The second thing I'd like to talk about is actually a couple things rolled into one under a larger theme. The two main projects I've got on the bench are the same ones that have been there for an increasingly embarrassing length of time. The 40m direct conversion receiver and the tuning mechanism for the BITX40. I took the 40m receiver and my BitSope Oscilloscope over to Nerd Night at a local IBMer's house where Nerd royalty gathers once a week to break bread(board) together. The good news was that my BitScope was not reading properly and I actually was pretty close to 7MHz with the oscillator circuit. The bad news was that my BitScope was not reading properly. So I've got some research to do and hopefully it's not a lost cause. The BITX40 case is nearly done, and I've assembled the SI5351/Arduino system to act as the Direct Digital Synthesis (DDS) unit for the transceiver. The bad news is that I'm rubbish at arduino coding and applying the scripts I've found online is an exercise in frustration. That brings me to my overarching theme. Failure. The reason why the DC receiver project has been on my desk for so long is that it's not working right. Something's wrong in the circuit somewhere and I'm having trouble nailing it down. The BITX40 would be done by now if I could get that stinking arduino code to work. I keep getting errors in the Integrated Development Environment (IDE) when compiling. That doesn't mean I'm giving up, by any means. It's frustrating, sure, and I've got plenty of projects stuffed away in various corners due to frustration at failed attempts, and there's always another project to try. 

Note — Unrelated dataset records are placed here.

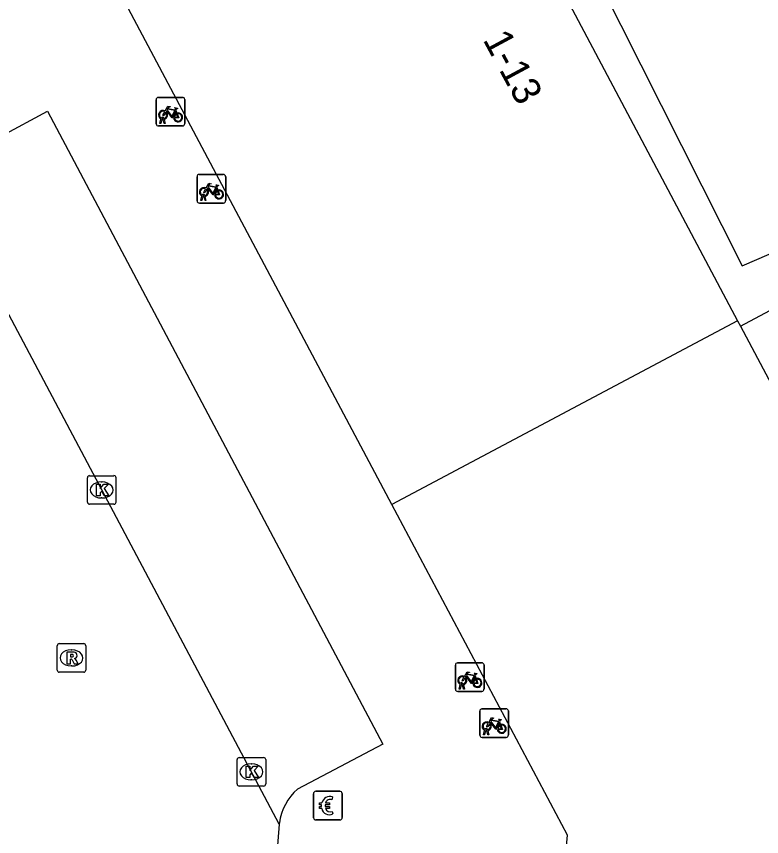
# Model space of a CAD drawing. Extents: x 160304 to 160954, y 383686 to 384161.
# Drawn here: x 160831.95 to 160858.01, y 383857.97 to 383886.65 of the extents above; entities that cross this region are included whole.
import ezdxf

# ---------------------------------------------------------------- set-up
doc = ezdxf.new("R2010")
doc.units = 0
for name, color, linetype in [('IMGEO_Betaalautomaat', 7, 'Continuous'), ('IMGEO_Fietsenrek', 7, 'Continuous'), ('IMGEO_Groenvoorziening', 7, 'Continuous'), ('IMGEO_Kolk', 7, 'Continuous'), ('IMGEO_Pand', 7, 'Continuous'), ('IMGEO_Pand_nummerreeks', 7, 'Continuous'), ('IMGEO_Rijbaan_lokaal_open', 7, 'Continuous'), ('IMGEO_Rioolput', 7, 'Continuous'), ('IMGEO_Voetpad_open', 7, 'Continuous')]:
    doc.layers.add(name, color=color, linetype=linetype)

msp = doc.modelspace()

# ---------------------------------------------------------------- linework, layer by layer
at = {"layer": 'IMGEO_Betaalautomaat'}
for p, q in [((160842.341, 383858.628), (160842.341, 383859.469)), ((160842.341, 383859.469), (160842.341, 383858.628)), ((160842.416, 383859.552), (160843.257, 383859.552)), ((160843.257, 383859.552), (160842.416, 383859.552)), ((160843.34, 383859.478), (160843.34, 383858.637)), ((160843.34, 383858.637), (160843.34, 383859.478)), ((160843.003, 383859.357), (160842.986, 383859.257)), ((160842.624, 383859.016), (160842.624, 383859.084)), ((160842.745, 383859.084), (160842.745, 383859.016)), ((160842.99, 383858.851), (160843.012, 383858.764)), ((160843.266, 383858.553), (160842.425, 383858.553)), ((160842.425, 383858.553), (160843.266, 383858.553))]:
    msp.add_line(p, q, dxfattribs=at)
for points in [[(160842.624, 383859.084), (160842.555, 383859.084), (160842.555, 383859.153), (160842.634, 383859.153)], [(160842.629, 383858.947), (160842.555, 383858.947), (160842.555, 383859.016), (160842.624, 383859.016)], [(160842.756, 383859.153), (160842.903, 383859.153), (160842.903, 383859.084), (160842.745, 383859.084)], [(160842.745, 383859.016), (160842.903, 383859.016), (160842.903, 383858.947), (160842.759, 383858.947)]]:
    msp.add_lwpolyline(points, dxfattribs=at)
for centre, radius, start, end in [((160842.419, 383859.475), 0.0779, 92.4484, 184.2845), ((160842.419, 383859.475), 0.0779, 92.4484, 184.2845), ((160843.263, 383859.475), 0.0779, 2.4484, 94.2845), ((160843.263, 383859.475), 0.0779, 2.4484, 94.2845), ((160842.917, 383859.077), 0.293, 73.014, 165.0139), ((160842.923, 383859.09), 0.179, 69.3236, 159.5683), ((160842.89, 383859.002), 0.267, 191.8096, 297.0389), ((160842.923, 383859.017), 0.179, 202.7625, 291.8693), ((160842.419, 383858.631), 0.0779, 182.4484, 274.2845), ((160842.419, 383858.631), 0.0779, 182.4484, 274.2845), ((160843.263, 383858.631), 0.0779, 272.4484, 4.2845), ((160843.263, 383858.631), 0.0779, 272.4484, 4.2845)]:
    msp.add_arc(centre, radius, start, end, dxfattribs=at)
at = {"layer": 'IMGEO_Fietsenrek'}
for p, q in [((160836.838, 383882.893), (160836.838, 383883.734)), ((160836.838, 383883.734), (160836.838, 383882.893)), ((160836.913, 383883.818), (160837.754, 383883.818)), ((160837.754, 383883.818), (160836.913, 383883.818)), ((160837.838, 383883.743), (160837.838, 383882.902)), ((160837.838, 383882.902), (160837.838, 383883.743)), ((160837.525, 383883.367), (160837.561, 383883.272)), ((160836.965, 383882.902), (160837.004, 383883.062)), ((160837.034, 383883.05), (160836.999, 383882.902)), ((160837.076, 383883.074), (160837.075, 383883.078)), ((160837.117, 383882.902), (160837.083, 383883.044)), ((160837.107, 383883.085), (160837.108, 383883.078)), ((160837.115, 383883.048), (160837.15, 383882.902)), ((160837.763, 383882.818), (160836.922, 383882.818)), ((160836.922, 383882.818), (160837.763, 383882.818)), ((160836.999, 383882.902), (160836.965, 383882.902)), ((160837.15, 383882.902), (160837.117, 383882.902)), ((160838.268, 383880.199), (160838.268, 383881.04)), ((160838.268, 383881.04), (160838.268, 383880.199)), ((160838.343, 383881.124), (160839.184, 383881.124)), ((160839.184, 383881.124), (160838.343, 383881.124)), ((160839.268, 383881.049), (160839.268, 383880.208)), ((160839.268, 383880.208), (160839.268, 383881.049)), ((160838.955, 383880.673), (160838.991, 383880.578)), ((160839.193, 383880.124), (160838.352, 383880.124)), ((160838.352, 383880.124), (160839.193, 383880.124)), ((160838.395, 383880.208), (160838.434, 383880.368)), ((160838.429, 383880.208), (160838.395, 383880.208)), ((160838.464, 383880.356), (160838.429, 383880.208)), ((160838.506, 383880.38), (160838.505, 383880.384)), ((160838.547, 383880.208), (160838.513, 383880.35)), ((160838.537, 383880.391), (160838.538, 383880.384)), ((160838.545, 383880.354), (160838.58, 383880.208)), ((160838.58, 383880.208), (160838.547, 383880.208)), ((160847.303, 383863.121), (160847.303, 383863.962)), ((160847.303, 383863.962), (160847.303, 383863.121)), ((160847.378, 383864.046), (160848.219, 383864.046)), ((160848.219, 383864.046), (160847.378, 383864.046)), ((160848.303, 383863.971), (160848.303, 383863.13)), ((160848.303, 383863.13), (160848.303, 383863.971)), ((160847.99, 383863.595), (160848.026, 383863.5)), ((160847.43, 383863.13), (160847.469, 383863.29)), ((160847.499, 383863.278), (160847.464, 383863.13)), ((160847.541, 383863.302), (160847.54, 383863.306)), ((160847.582, 383863.13), (160847.548, 383863.272)), ((160847.572, 383863.313), (160847.573, 383863.306)), ((160847.58, 383863.276), (160847.615, 383863.13)), ((160848.228, 383863.046), (160847.387, 383863.046)), ((160847.387, 383863.046), (160848.228, 383863.046)), ((160847.464, 383863.13), (160847.43, 383863.13)), ((160847.615, 383863.13), (160847.582, 383863.13)), ((160848.156, 383861.513), (160848.156, 383862.354)), ((160848.156, 383862.354), (160848.156, 383861.513)), ((160848.231, 383862.438), (160849.072, 383862.438)), ((160849.072, 383862.438), (160848.231, 383862.438)), ((160849.156, 383862.363), (160849.156, 383861.522)), ((160849.156, 383861.522), (160849.156, 383862.363)), ((160848.843, 383861.987), (160848.879, 383861.892)), ((160848.283, 383861.522), (160848.322, 383861.682)), ((160848.317, 383861.522), (160848.283, 383861.522)), ((160848.352, 383861.67), (160848.317, 383861.522)), ((160848.394, 383861.694), (160848.393, 383861.698)), ((160848.435, 383861.522), (160848.401, 383861.664)), ((160848.425, 383861.705), (160848.426, 383861.698)), ((160848.433, 383861.668), (160848.468, 383861.522)), ((160848.468, 383861.522), (160848.435, 383861.522)), ((160849.081, 383861.438), (160848.24, 383861.438)), ((160848.24, 383861.438), (160849.081, 383861.438))]:
    msp.add_line(p, q, dxfattribs=at)
for points in [[(160837.172, 383883.292), (160837.12, 383883.202), (160837.08, 383883.177), (160837.081, 383883.224), (160837.136, 383883.318)], [(160837.151, 383883.344), (160837.246, 383883.508), (160837.332, 383883.494), (160837.334, 383883.485), (160837.278, 383883.474), (160837.251, 383883.429), (160837.507, 383883.388)], [(160837.447, 383883.1), (160837.397, 383883.1), (160837.206, 383883.351), (160837.187, 383883.319)], [(160837.494, 383883.363), (160837.237, 383883.404), (160837.22, 383883.375), (160837.387, 383883.155), (160837.494, 383883.363)], [(160837.542, 383883.265), (160837.512, 383883.342), (160837.403, 383883.124), (160837.446, 383883.124)], [(160837.507, 383883.388), (160837.532, 383883.437), (160837.526, 383883.441), (160837.503, 383883.445), (160837.491, 383883.452), (160837.49, 383883.455), (160837.492, 383883.46), (160837.587, 383883.445), (160837.589, 383883.435), (160837.579, 383883.422), (160837.567, 383883.416), (160837.553, 383883.422), (160837.525, 383883.367)], [(160837.476, 383883.124), (160837.596, 383883.123), (160837.552, 383883.237)], [(160837.572, 383883.244), (160837.627, 383883.099), (160837.477, 383883.099)], [(160838.581, 383880.65), (160838.676, 383880.814), (160838.762, 383880.8), (160838.764, 383880.791), (160838.708, 383880.78), (160838.681, 383880.735), (160838.937, 383880.694)], [(160838.924, 383880.669), (160838.667, 383880.71), (160838.65, 383880.681), (160838.817, 383880.461), (160838.924, 383880.669)], [(160838.937, 383880.694), (160838.962, 383880.743), (160838.956, 383880.747), (160838.933, 383880.751), (160838.921, 383880.758), (160838.92, 383880.761), (160838.922, 383880.766), (160839.017, 383880.751), (160839.019, 383880.741), (160839.009, 383880.728), (160838.997, 383880.722), (160838.983, 383880.728), (160838.955, 383880.673)], [(160838.602, 383880.598), (160838.55, 383880.508), (160838.51, 383880.483), (160838.511, 383880.53), (160838.566, 383880.624)], [(160838.877, 383880.406), (160838.827, 383880.406), (160838.636, 383880.657), (160838.617, 383880.625)], [(160838.972, 383880.571), (160838.942, 383880.648), (160838.833, 383880.43), (160838.876, 383880.43)], [(160838.906, 383880.43), (160839.026, 383880.429), (160838.982, 383880.543)], [(160839.002, 383880.55), (160839.057, 383880.405), (160838.907, 383880.405)], [(160847.637, 383863.52), (160847.585, 383863.43), (160847.545, 383863.405), (160847.546, 383863.452), (160847.601, 383863.546)], [(160847.616, 383863.572), (160847.711, 383863.736), (160847.797, 383863.722), (160847.799, 383863.713), (160847.743, 383863.702), (160847.716, 383863.657), (160847.972, 383863.616)], [(160847.912, 383863.328), (160847.862, 383863.328), (160847.671, 383863.579), (160847.652, 383863.547)], [(160847.959, 383863.591), (160847.702, 383863.632), (160847.685, 383863.603), (160847.852, 383863.383), (160847.959, 383863.591)], [(160848.007, 383863.493), (160847.977, 383863.57), (160847.868, 383863.352), (160847.911, 383863.352)], [(160847.972, 383863.616), (160847.997, 383863.665), (160847.991, 383863.669), (160847.968, 383863.673), (160847.956, 383863.68), (160847.955, 383863.683), (160847.957, 383863.688), (160848.052, 383863.673), (160848.054, 383863.663), (160848.044, 383863.65), (160848.032, 383863.644), (160848.018, 383863.65), (160847.99, 383863.595)], [(160847.941, 383863.352), (160848.061, 383863.351), (160848.017, 383863.465)], [(160848.037, 383863.472), (160848.092, 383863.327), (160847.942, 383863.327)], [(160848.469, 383861.964), (160848.564, 383862.128), (160848.65, 383862.114), (160848.652, 383862.105), (160848.596, 383862.094), (160848.569, 383862.049), (160848.825, 383862.008)], [(160848.825, 383862.008), (160848.85, 383862.057), (160848.844, 383862.061), (160848.821, 383862.065), (160848.809, 383862.072), (160848.808, 383862.075), (160848.81, 383862.08), (160848.905, 383862.065), (160848.907, 383862.055), (160848.897, 383862.042), (160848.885, 383862.036), (160848.871, 383862.042), (160848.843, 383861.987)], [(160848.49, 383861.912), (160848.438, 383861.822), (160848.398, 383861.797), (160848.399, 383861.844), (160848.454, 383861.938)], [(160848.765, 383861.72), (160848.715, 383861.72), (160848.524, 383861.971), (160848.505, 383861.939)], [(160848.812, 383861.983), (160848.555, 383862.024), (160848.538, 383861.995), (160848.705, 383861.775), (160848.812, 383861.983)], [(160848.86, 383861.885), (160848.83, 383861.962), (160848.721, 383861.744), (160848.764, 383861.744)], [(160848.794, 383861.744), (160848.914, 383861.743), (160848.87, 383861.857)], [(160848.89, 383861.864), (160848.945, 383861.719), (160848.795, 383861.719)]]:
    msp.add_lwpolyline(points, dxfattribs=at)
for centre, radius, start, end in [((160836.916, 383883.74), 0.0779, 92.4484, 184.2845), ((160836.916, 383883.74), 0.0779, 92.4484, 184.2845), ((160837.76, 383883.74), 0.0779, 2.4484, 94.2845), ((160837.76, 383883.74), 0.0779, 2.4484, 94.2845), ((160837.078, 383883.203), 0.159, 62.6766, 242.1369), ((160837.078, 383883.203), 0.129, 63.3192, 238.903), ((160837.078, 383883.203), 0.129, 283.6043, 43.4302), ((160837.078, 383883.203), 0.159, 283.5766, 46.6042), ((160837.605, 383883.119), 0.159, 187.0065, 105.7708), ((160837.058, 383883.074), 0.0499, 12.8025, 158.6934), ((160837.078, 383883.203), 0.159, 253.9967, 271.7867), ((160837.058, 383883.074), 0.0174, 12.8025, 163.4502), ((160837.078, 383883.203), 0.129, 253.415, 269.0204), ((160837.605, 383883.119), 0.159, 113.3408, 178.3217), ((160837.605, 383883.119), 0.129, 113.923, 177.9556), ((160837.605, 383883.119), 0.129, 188.6715, 104.5883), ((160836.916, 383882.896), 0.0779, 182.4484, 274.2845), ((160836.916, 383882.896), 0.0779, 182.4484, 274.2845), ((160837.76, 383882.896), 0.0779, 272.4484, 4.2845), ((160837.76, 383882.896), 0.0779, 272.4484, 4.2845), ((160838.346, 383881.046), 0.0779, 92.4484, 184.2845), ((160838.346, 383881.046), 0.0779, 92.4484, 184.2845), ((160839.19, 383881.046), 0.0779, 2.4484, 94.2845), ((160839.19, 383881.046), 0.0779, 2.4484, 94.2845), ((160838.508, 383880.509), 0.159, 62.6766, 242.1369), ((160838.508, 383880.509), 0.129, 63.3192, 238.903), ((160838.488, 383880.38), 0.0499, 12.8025, 158.6934), ((160838.508, 383880.509), 0.129, 283.6043, 43.4302), ((160838.508, 383880.509), 0.159, 283.5766, 46.6042), ((160839.035, 383880.425), 0.159, 113.3408, 178.3217), ((160839.035, 383880.425), 0.159, 187.0065, 105.7708), ((160839.035, 383880.425), 0.129, 113.923, 177.9556), ((160839.035, 383880.425), 0.129, 188.6715, 104.5883), ((160838.346, 383880.202), 0.0779, 182.4484, 274.2845), ((160838.346, 383880.202), 0.0779, 182.4484, 274.2845), ((160838.508, 383880.509), 0.159, 253.9967, 271.7867), ((160838.488, 383880.38), 0.0174, 12.8025, 163.4502), ((160838.508, 383880.509), 0.129, 253.415, 269.0204), ((160839.19, 383880.202), 0.0779, 272.4484, 4.2845), ((160839.19, 383880.202), 0.0779, 272.4484, 4.2845), ((160847.381, 383863.968), 0.0779, 92.4484, 184.2845), ((160847.381, 383863.968), 0.0779, 92.4484, 184.2845), ((160848.225, 383863.968), 0.0779, 2.4484, 94.2845), ((160848.225, 383863.968), 0.0779, 2.4484, 94.2845), ((160847.543, 383863.431), 0.159, 62.6766, 242.1369), ((160847.543, 383863.431), 0.129, 63.3192, 238.903), ((160847.543, 383863.431), 0.129, 283.6043, 43.4302), ((160847.543, 383863.431), 0.159, 283.5766, 46.6042), ((160848.07, 383863.347), 0.159, 113.3408, 178.3217), ((160848.07, 383863.347), 0.159, 187.0065, 105.7708), ((160847.523, 383863.302), 0.0499, 12.8025, 158.6934), ((160847.543, 383863.431), 0.159, 253.9967, 271.7867), ((160847.523, 383863.302), 0.0174, 12.8025, 163.4502), ((160847.543, 383863.431), 0.129, 253.415, 269.0204), ((160848.07, 383863.347), 0.129, 113.923, 177.9556), ((160848.07, 383863.347), 0.129, 188.6715, 104.5883), ((160847.381, 383863.124), 0.0779, 182.4484, 274.2845), ((160847.381, 383863.124), 0.0779, 182.4484, 274.2845), ((160848.225, 383863.124), 0.0779, 272.4484, 4.2845), ((160848.225, 383863.124), 0.0779, 272.4484, 4.2845), ((160848.234, 383862.36), 0.0779, 92.4484, 184.2845), ((160848.234, 383862.36), 0.0779, 92.4484, 184.2845), ((160849.078, 383862.36), 0.0779, 2.4484, 94.2845), ((160849.078, 383862.36), 0.0779, 2.4484, 94.2845), ((160848.396, 383861.823), 0.159, 62.6766, 242.1369), ((160848.396, 383861.823), 0.129, 63.3192, 238.903), ((160848.396, 383861.823), 0.129, 283.6043, 43.4302), ((160848.396, 383861.823), 0.159, 283.5766, 46.6042), ((160848.923, 383861.739), 0.159, 113.3408, 178.3217), ((160848.923, 383861.739), 0.159, 187.0065, 105.7708), ((160848.923, 383861.739), 0.129, 113.923, 177.9556), ((160848.923, 383861.739), 0.129, 188.6715, 104.5883), ((160848.234, 383861.516), 0.0779, 182.4484, 274.2845), ((160848.234, 383861.516), 0.0779, 182.4484, 274.2845), ((160848.376, 383861.694), 0.0499, 12.8025, 158.6934), ((160848.396, 383861.823), 0.159, 253.9967, 271.7867), ((160848.376, 383861.694), 0.0174, 12.8025, 163.4502), ((160848.396, 383861.823), 0.129, 253.415, 269.0204), ((160849.078, 383861.516), 0.0779, 272.4484, 4.2845), ((160849.078, 383861.516), 0.0779, 272.4484, 4.2845)]:
    msp.add_arc(centre, radius, start, end, dxfattribs=at)
at = {"layer": 'IMGEO_Groenvoorziening'}
for points in [[(160850.413, 383904.764), (160857.898, 383890.588), (160852.372, 383887.768), (160857.334, 383877.933), (160869.118, 383883.019), (160866.077, 383895.016)], [(160857.274, 383875.816), (160862.472, 383878.595), (160870.895, 383862.33), (160867.154, 383826.483), (160854.767, 383810.821), (160851.843, 383813.196)]]:
    msp.add_lwpolyline(points, dxfattribs=at)
at = {"layer": 'IMGEO_Kolk'}
for p, q in [((160834.431, 383869.664), (160834.431, 383870.516)), ((160834.506, 383870.59), (160835.358, 383870.59)), ((160834.919, 383870.37), (160834.944, 383870.37)), ((160835.432, 383870.516), (160835.432, 383869.664)), ((160834.942, 383869.81), (160834.917, 383869.81)), ((160835.358, 383869.59), (160834.506, 383869.59)), ((160839.667, 383859.809), (160839.667, 383860.661)), ((160839.742, 383860.735), (160840.594, 383860.735)), ((160840.668, 383860.661), (160840.668, 383859.809)), ((160840.155, 383860.515), (160840.18, 383860.515)), ((160840.178, 383859.955), (160840.153, 383859.955)), ((160840.594, 383859.735), (160839.742, 383859.735))]:
    msp.add_line(p, q, dxfattribs=at)
for points in [[(160834.431, 383869.664), (160834.431, 383870.516)], [(160834.506, 383870.59), (160835.358, 383870.59)], [(160835.432, 383870.516), (160835.432, 383869.664)], [(160834.752, 383870.29), (160834.875, 383870.29), (160834.875, 383870.139), (160835.005, 383870.29), (160835.169, 383870.29), (160835.023, 383870.139), (160835.176, 383869.89), (160835.024, 383869.89), (160834.939, 383870.054), (160834.875, 383869.987), (160834.875, 383869.89), (160834.752, 383869.89), (160834.752, 383870.29)], [(160835.358, 383869.59), (160834.506, 383869.59)], [(160839.667, 383859.809), (160839.667, 383860.661)], [(160839.742, 383860.735), (160840.594, 383860.735)], [(160840.668, 383860.661), (160840.668, 383859.809)], [(160839.988, 383860.435), (160840.111, 383860.435), (160840.111, 383860.284), (160840.241, 383860.435), (160840.405, 383860.435), (160840.259, 383860.284), (160840.412, 383860.035), (160840.26, 383860.035), (160840.175, 383860.199), (160840.111, 383860.132), (160840.111, 383860.035), (160839.988, 383860.035), (160839.988, 383860.435)], [(160840.594, 383859.735), (160839.742, 383859.735)]]:
    msp.add_lwpolyline(points, dxfattribs=at)
for centre, start, end in [((160834.508, 383870.514), 91.552, 178.448), ((160834.508, 383870.514), 91.552, 178.448), ((160835.356, 383870.514), 1.552, 88.448), ((160835.356, 383870.514), 1.552, 88.448), ((160834.508, 383869.666), 181.552, 268.448), ((160834.508, 383869.666), 181.552, 268.448), ((160835.356, 383869.666), 271.552, 358.448), ((160835.356, 383869.666), 271.552, 358.448), ((160839.744, 383860.659), 91.552, 178.448), ((160839.744, 383860.659), 91.552, 178.448), ((160840.592, 383860.659), 1.552, 88.448), ((160840.592, 383860.659), 1.552, 88.448), ((160839.744, 383859.811), 181.552, 268.448), ((160839.744, 383859.811), 181.552, 268.448), ((160840.592, 383859.811), 271.552, 358.448), ((160840.592, 383859.811), 271.552, 358.448)]:
    msp.add_arc(centre, 0.0765, start, end, dxfattribs=at)
for centre, major_axis, ratio, start_param, end_param in [((160834.918, 383870.09), (-0.387, 0.002), 0.722429, 4.712389, 7.853982), ((160834.943, 383870.09), (-0.39, 0.002), 0.717154, 1.570796, 4.712389), ((160840.154, 383860.235), (-0.387, 0.002), 0.722429, 4.712389, 7.853982), ((160840.179, 383860.235), (-0.39, 0.002), 0.717154, 1.570796, 4.712389)]:
    msp.add_ellipse(centre, major_axis=major_axis, ratio=ratio, start_param=start_param, end_param=end_param, dxfattribs=at)
at = {"layer": 'IMGEO_Pand'}
for points in [[(160845.08, 383869.587), (160835.078, 383888.424)], [(160850.579, 383888.426), (160857.172, 383876.008)], [(160857.172, 383876.008), (160845.08, 383869.587)], [(160857.172, 383876.008), (160857.274, 383875.816)], [(160857.274, 383875.816), (160863.179, 383864.695), (160864.295, 383864.926), (160865.99, 383856.743), (160864.863, 383856.51), (160863.738, 383843.778)], [(160846.911, 383845.265), (160847.603, 383853.097), (160850.344, 383854.648), (160850.918, 383854.597), (160851.22, 383858.023), (160845.08, 383869.587)]]:
    msp.add_lwpolyline(points, dxfattribs=at)
at = {"layer": 'IMGEO_Rijbaan_lokaal_open'}
for points in [[(160841.141, 383858.403), (160829.033, 383881.187)], [(160841.141, 383858.403), (160840.858, 383854.826), (160840.538, 383851.736)]]:
    msp.add_lwpolyline(points, dxfattribs=at)
at = {"layer": 'IMGEO_Rioolput'}
for p, q in [((160833.375, 383863.79), (160833.375, 383864.642)), ((160833.45, 383864.716), (160834.302, 383864.716)), ((160834.376, 383864.642), (160834.376, 383863.79)), ((160833.863, 383864.496), (160833.888, 383864.496)), ((160833.886, 383863.936), (160833.861, 383863.936)), ((160834.302, 383863.716), (160833.45, 383863.716))]:
    msp.add_line(p, q, dxfattribs=at)
for points in [[(160833.375, 383863.79), (160833.375, 383864.642)], [(160833.45, 383864.716), (160834.302, 383864.716)], [(160834.376, 383864.642), (160834.376, 383863.79)], [(160833.964, 383864.414), (160833.712, 383864.416), (160833.712, 383864.016)], [(160833.712, 383864.016), (160833.836, 383864.016), (160833.836, 383864.178), (160833.847, 383864.178)], [(160833.89, 383864.335), (160833.836, 383864.335), (160833.836, 383864.254)], [(160833.836, 383864.254), (160833.888, 383864.254)], [(160833.894, 383864.149), (160833.965, 383864.016), (160834.105, 383864.016), (160834.04, 383864.142)], [(160834.302, 383863.716), (160833.45, 383863.716)]]:
    msp.add_lwpolyline(points, dxfattribs=at)
for centre, radius, start, end in [((160833.452, 383864.64), 0.0765, 91.552, 178.448), ((160833.452, 383864.64), 0.0765, 91.552, 178.448), ((160834.3, 383864.64), 0.0765, 1.552, 88.448), ((160834.3, 383864.64), 0.0765, 1.552, 88.448), ((160833.963, 383864.304), 0.109, 350.3612, 89.416), ((160833.846, 383864.125), 0.0533, 26.0293, 88.6989), ((160833.872, 383864.443), 0.19, 274.7715, 282.9687), ((160833.896, 383864.239), 0.0964, 77.0061, 93.1865), ((160833.91, 383864.296), 0.0378, 276.6634, 79.6772), ((160833.961, 383864.304), 0.112, 277.5842, 350.9817), ((160833.945, 383864.089), 0.108, 29.5134, 73.7905), ((160833.452, 383863.792), 0.0765, 181.552, 268.448), ((160833.452, 383863.792), 0.0765, 181.552, 268.448), ((160834.3, 383863.792), 0.0765, 271.552, 358.448), ((160834.3, 383863.792), 0.0765, 271.552, 358.448)]:
    msp.add_arc(centre, radius, start, end, dxfattribs=at)
for centre, major_axis, ratio, start_param, end_param in [((160833.862, 383864.216), (-0.387, 0.002), 0.722429, 4.712389, 7.853982), ((160833.887, 383864.216), (-0.39, 0.002), 0.717154, 1.570796, 4.712389)]:
    msp.add_ellipse(centre, major_axis=major_axis, ratio=ratio, start_param=start_param, end_param=end_param, dxfattribs=at)
at = {"layer": 'IMGEO_Voetpad_open'}
msp.add_lwpolyline([(160829.832, 383881.61), (160833.041, 383883.331), (160844.764, 383861.196), (160841.779, 383859.624), (160841.656, 383859.506), (160841.544, 383859.377), (160841.444, 383859.239), (160841.356, 383859.092), (160841.282, 383858.938), (160841.222, 383858.778), (160841.177, 383858.614), (160841.146, 383858.446), (160841.141, 383858.403)], dxfattribs=at)

# ---------------------------------------------------------------- texts
at = {"layer": 'IMGEO_Pand_nummerreeks'}
msp.add_text('1-13', height=1, rotation=298.3234, dxfattribs=at).set_placement((160848.248, 383885.839))

doc.saveas('drawing.dxf')

It's easy to get discouraged when we see projects on web or see them at a Maker Faire, or magazine somewhere. We generally only see the good stuff. The ones that worked. The plane that flew, or the circuit that didn't explode dramatically (like that electrolytic capacitor that went BANG on me the other day! Fun!). We tend to show off our successes, and we should! They deserve to be to celebrated, but lets celebrate our failures too. That's where things actually make progress anyway, where we really learn. There's a quote attributed to Isaac Asimov that goes something like this: 

"The most exciting phrase to hear in science, the one that heralds new discoveries, is not 'Eureka!' (I found it!) but, 'That's funny...'"

Who knows if he actually said it, but I love the sentiment. It's the unexpected result that teaches.

I think next year for Maker Faire I'm going to see if I can get some local nerds to contribute and get together a "Maker Fails" table. Stuff that Did Not Work. I think I'll divide it in two parts, stuff people want suggestions for, and stuff people do not want suggestions for. Maybe I'll have a "Free Failed Experiments!" area too.